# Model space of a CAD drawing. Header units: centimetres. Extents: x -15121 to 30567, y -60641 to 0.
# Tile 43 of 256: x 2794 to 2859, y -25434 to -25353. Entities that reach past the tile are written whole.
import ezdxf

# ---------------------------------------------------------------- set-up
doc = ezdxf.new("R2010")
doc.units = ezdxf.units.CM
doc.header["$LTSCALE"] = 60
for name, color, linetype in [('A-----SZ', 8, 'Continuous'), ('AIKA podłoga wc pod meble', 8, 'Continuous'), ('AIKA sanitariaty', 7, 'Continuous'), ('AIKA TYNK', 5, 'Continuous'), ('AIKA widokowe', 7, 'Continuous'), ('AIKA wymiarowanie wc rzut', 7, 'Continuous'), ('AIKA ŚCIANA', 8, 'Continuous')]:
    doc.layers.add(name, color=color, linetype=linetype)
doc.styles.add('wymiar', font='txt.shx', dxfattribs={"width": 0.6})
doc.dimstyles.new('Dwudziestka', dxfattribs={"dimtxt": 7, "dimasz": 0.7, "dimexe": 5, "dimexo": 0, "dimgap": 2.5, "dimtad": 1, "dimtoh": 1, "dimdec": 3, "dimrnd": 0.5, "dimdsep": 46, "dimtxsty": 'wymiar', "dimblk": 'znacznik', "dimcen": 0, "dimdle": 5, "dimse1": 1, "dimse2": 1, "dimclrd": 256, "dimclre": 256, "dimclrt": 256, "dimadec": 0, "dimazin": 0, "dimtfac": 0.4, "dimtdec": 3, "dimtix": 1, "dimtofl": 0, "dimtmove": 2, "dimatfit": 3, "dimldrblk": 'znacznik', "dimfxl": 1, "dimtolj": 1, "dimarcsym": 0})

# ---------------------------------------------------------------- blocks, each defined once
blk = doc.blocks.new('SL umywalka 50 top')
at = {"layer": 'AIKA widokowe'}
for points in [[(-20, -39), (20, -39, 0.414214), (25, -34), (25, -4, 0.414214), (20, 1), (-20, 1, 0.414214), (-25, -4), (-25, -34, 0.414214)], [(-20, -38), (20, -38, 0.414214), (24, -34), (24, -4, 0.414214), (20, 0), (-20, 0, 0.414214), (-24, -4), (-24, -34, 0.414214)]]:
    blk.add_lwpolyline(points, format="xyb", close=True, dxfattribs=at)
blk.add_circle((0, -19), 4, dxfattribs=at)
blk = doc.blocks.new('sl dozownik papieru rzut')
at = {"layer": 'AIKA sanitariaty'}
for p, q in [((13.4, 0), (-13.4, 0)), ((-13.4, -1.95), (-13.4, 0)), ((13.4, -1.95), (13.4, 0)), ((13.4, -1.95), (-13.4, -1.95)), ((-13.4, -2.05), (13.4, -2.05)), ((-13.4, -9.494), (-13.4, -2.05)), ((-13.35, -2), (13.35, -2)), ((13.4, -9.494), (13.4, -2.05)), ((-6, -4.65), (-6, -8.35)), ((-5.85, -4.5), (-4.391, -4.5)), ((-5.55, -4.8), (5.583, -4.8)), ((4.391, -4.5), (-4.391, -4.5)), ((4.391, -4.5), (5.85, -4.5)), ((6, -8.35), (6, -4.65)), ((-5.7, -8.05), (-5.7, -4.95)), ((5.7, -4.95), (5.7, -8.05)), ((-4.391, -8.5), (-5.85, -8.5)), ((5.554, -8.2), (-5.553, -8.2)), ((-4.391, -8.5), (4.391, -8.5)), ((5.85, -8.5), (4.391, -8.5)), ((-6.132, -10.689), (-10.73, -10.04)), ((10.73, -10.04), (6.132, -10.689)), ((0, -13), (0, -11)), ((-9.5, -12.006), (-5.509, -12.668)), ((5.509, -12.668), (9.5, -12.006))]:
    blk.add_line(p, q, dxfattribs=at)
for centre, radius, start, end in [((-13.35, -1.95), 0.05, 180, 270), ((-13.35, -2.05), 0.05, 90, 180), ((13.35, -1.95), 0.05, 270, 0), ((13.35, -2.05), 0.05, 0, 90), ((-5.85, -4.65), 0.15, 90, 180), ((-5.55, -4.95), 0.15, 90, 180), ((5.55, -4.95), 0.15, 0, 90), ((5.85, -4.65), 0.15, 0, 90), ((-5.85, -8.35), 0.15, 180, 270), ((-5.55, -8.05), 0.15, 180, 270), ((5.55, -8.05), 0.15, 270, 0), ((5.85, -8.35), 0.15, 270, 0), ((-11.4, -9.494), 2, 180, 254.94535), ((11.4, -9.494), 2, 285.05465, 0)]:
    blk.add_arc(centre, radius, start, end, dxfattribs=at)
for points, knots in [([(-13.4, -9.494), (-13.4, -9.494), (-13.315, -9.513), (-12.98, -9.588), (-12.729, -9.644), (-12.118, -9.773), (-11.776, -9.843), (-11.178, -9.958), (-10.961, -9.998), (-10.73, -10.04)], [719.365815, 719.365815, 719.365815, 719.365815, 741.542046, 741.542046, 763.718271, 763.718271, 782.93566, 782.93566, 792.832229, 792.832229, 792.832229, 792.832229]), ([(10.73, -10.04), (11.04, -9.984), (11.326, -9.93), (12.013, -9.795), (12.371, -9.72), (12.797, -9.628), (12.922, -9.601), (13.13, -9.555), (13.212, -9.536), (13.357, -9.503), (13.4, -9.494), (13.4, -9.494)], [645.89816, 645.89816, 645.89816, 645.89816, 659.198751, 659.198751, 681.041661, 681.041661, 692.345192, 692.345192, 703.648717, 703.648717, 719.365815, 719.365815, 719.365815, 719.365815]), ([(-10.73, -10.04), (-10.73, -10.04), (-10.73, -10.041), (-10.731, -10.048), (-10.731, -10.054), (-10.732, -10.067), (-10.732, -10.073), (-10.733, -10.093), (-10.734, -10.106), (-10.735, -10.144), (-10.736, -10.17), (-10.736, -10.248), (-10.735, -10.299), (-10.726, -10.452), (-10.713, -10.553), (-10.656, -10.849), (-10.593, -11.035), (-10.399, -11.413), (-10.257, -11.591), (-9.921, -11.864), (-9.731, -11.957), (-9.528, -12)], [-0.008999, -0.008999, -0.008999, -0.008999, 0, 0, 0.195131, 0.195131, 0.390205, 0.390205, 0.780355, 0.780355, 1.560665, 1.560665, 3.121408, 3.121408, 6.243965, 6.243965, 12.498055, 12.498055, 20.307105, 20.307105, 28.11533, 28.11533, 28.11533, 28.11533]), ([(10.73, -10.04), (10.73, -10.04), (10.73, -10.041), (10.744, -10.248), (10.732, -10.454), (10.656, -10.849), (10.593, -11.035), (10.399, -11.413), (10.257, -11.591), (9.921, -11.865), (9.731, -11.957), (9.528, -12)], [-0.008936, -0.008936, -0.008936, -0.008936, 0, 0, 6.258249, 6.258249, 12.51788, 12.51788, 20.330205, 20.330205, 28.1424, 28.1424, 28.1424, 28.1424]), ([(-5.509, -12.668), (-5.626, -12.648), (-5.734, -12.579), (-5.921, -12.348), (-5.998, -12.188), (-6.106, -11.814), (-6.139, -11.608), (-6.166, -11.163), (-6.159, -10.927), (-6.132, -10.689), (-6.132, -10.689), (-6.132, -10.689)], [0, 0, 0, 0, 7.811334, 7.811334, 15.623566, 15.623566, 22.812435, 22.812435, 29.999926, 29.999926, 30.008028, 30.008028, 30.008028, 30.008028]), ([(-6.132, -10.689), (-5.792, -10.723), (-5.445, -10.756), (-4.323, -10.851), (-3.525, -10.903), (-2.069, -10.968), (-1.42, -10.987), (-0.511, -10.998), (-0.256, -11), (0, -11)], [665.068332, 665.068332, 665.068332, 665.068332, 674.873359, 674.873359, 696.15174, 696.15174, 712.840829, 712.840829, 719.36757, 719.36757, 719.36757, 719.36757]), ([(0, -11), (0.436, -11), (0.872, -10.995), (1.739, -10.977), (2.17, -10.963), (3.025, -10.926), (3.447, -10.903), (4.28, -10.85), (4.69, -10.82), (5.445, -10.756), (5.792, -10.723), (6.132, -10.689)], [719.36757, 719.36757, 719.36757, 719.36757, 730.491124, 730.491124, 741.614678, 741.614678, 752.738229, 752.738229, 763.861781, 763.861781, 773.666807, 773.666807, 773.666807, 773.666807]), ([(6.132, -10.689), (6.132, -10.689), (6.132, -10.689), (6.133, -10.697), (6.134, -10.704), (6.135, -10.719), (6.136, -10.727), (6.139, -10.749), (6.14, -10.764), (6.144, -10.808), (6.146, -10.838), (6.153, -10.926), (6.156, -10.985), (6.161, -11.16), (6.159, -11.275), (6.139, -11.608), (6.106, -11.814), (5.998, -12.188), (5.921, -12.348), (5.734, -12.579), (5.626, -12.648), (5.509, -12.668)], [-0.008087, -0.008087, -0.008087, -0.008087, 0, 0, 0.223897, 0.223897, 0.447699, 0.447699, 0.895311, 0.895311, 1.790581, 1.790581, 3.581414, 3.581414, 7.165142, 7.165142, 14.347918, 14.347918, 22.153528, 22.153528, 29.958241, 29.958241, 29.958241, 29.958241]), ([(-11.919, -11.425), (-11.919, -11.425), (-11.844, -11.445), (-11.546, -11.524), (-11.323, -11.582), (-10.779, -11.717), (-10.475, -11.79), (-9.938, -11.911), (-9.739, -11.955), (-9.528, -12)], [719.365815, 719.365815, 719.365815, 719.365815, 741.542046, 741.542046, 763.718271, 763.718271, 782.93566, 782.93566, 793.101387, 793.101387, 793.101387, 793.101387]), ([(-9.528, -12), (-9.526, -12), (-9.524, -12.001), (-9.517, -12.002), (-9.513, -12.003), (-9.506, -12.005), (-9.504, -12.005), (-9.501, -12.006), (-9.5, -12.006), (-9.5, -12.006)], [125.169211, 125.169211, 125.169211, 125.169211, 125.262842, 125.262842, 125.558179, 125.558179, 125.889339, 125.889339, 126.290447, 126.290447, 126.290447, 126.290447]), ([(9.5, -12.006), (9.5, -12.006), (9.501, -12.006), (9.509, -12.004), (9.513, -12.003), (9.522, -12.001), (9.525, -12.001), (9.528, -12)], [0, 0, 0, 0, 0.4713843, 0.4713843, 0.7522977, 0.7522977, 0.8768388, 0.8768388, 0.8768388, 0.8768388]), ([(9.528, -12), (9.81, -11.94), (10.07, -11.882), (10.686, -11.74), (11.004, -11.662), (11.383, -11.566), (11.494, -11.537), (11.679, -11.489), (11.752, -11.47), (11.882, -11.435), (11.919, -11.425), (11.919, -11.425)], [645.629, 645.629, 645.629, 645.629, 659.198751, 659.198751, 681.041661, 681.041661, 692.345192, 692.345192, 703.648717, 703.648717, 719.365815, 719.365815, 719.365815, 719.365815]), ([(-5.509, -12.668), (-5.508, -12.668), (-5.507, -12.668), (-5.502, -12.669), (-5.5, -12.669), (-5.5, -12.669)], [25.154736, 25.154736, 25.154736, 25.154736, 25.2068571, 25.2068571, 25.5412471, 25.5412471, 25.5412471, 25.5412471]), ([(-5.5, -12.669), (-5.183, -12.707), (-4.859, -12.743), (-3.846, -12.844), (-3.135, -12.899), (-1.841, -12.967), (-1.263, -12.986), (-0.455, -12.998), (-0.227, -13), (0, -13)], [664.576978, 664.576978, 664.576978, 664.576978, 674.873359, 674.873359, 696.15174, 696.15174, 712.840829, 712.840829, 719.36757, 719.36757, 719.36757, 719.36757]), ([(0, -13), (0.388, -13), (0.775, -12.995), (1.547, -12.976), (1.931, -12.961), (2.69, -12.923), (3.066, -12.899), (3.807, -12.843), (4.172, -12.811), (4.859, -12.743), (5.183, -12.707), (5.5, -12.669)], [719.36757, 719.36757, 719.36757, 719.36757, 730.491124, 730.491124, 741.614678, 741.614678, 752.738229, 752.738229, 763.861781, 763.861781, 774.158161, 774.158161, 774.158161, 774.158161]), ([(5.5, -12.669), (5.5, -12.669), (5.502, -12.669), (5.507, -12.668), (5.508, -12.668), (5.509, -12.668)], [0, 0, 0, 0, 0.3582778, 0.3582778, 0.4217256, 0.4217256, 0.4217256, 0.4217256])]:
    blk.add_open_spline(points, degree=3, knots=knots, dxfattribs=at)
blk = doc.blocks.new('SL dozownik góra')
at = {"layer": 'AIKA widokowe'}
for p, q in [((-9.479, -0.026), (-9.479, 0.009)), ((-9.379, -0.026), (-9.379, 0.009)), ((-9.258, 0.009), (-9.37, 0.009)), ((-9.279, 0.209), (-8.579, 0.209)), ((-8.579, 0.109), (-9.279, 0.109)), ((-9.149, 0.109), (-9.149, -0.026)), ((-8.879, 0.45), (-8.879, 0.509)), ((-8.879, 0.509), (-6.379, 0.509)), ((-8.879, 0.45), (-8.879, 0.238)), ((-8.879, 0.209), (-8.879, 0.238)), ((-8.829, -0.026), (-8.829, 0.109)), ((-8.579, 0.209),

..........

> **Directions for this task**: Look in the material above for the line with "blk = doc.blocks.new('SL umywalka 50 top')" and the line with "blk.add_line(p, q, dxfattribs=at)", and transcribe exactly those lines and all lines between them, nothing more.

> **Result for this task**:
blk = doc.blocks.new('SL umywalka 50 top')
at = {"layer": 'AIKA widokowe'}
for points in [[(-20, -39), (20, -39, 0.414214), (25, -34), (25, -4, 0.414214), (20, 1), (-20, 1, 0.414214), (-25, -4), (-25, -34, 0.414214)], [(-20, -38), (20, -38, 0.414214), (24, -34), (24, -4, 0.414214), (20, 0), (-20, 0, 0.414214), (-24, -4), (-24, -34, 0.414214)]]:
    blk.add_lwpolyline(points, format="xyb", close=True, dxfattribs=at)
blk.add_circle((0, -19), 4, dxfattribs=at)
blk = doc.blocks.new('sl dozownik papieru rzut')
at = {"layer": 'AIKA sanitariaty'}
for p, q in [((13.4, 0), (-13.4, 0)), ((-13.4, -1.95), (-13.4, 0)), ((13.4, -1.95), (13.4, 0)), ((13.4, -1.95), (-13.4, -1.95)), ((-13.4, -2.05), (13.4, -2.05)), ((-13.4, -9.494), (-13.4, -2.05)), ((-13.35, -2), (13.35, -2)), ((13.4, -9.494), (13.4, -2.05)), ((-6, -4.65), (-6, -8.35)), ((-5.85, -4.5), (-4.391, -4.5)), ((-5.55, -4.8), (5.583, -4.8)), ((4.391, -4.5), (-4.391, -4.5)), ((4.391, -4.5), (5.85, -4.5)), ((6, -8.35), (6, -4.65)), ((-5.7, -8.05), (-5.7, -4.95)), ((5.7, -4.95), (5.7, -8.05)), ((-4.391, -8.5), (-5.85, -8.5)), ((5.554, -8.2), (-5.553, -8.2)), ((-4.391, -8.5), (4.391, -8.5)), ((5.85, -8.5), (4.391, -8.5)), ((-6.132, -10.689), (-10.73, -10.04)), ((10.73, -10.04), (6.132, -10.689)), ((0, -13), (0, -11)), ((-9.5, -12.006), (-5.509, -12.668)), ((5.509, -12.668), (9.5, -12.006))]:
    blk.add_line(p, q, dxfattribs=at)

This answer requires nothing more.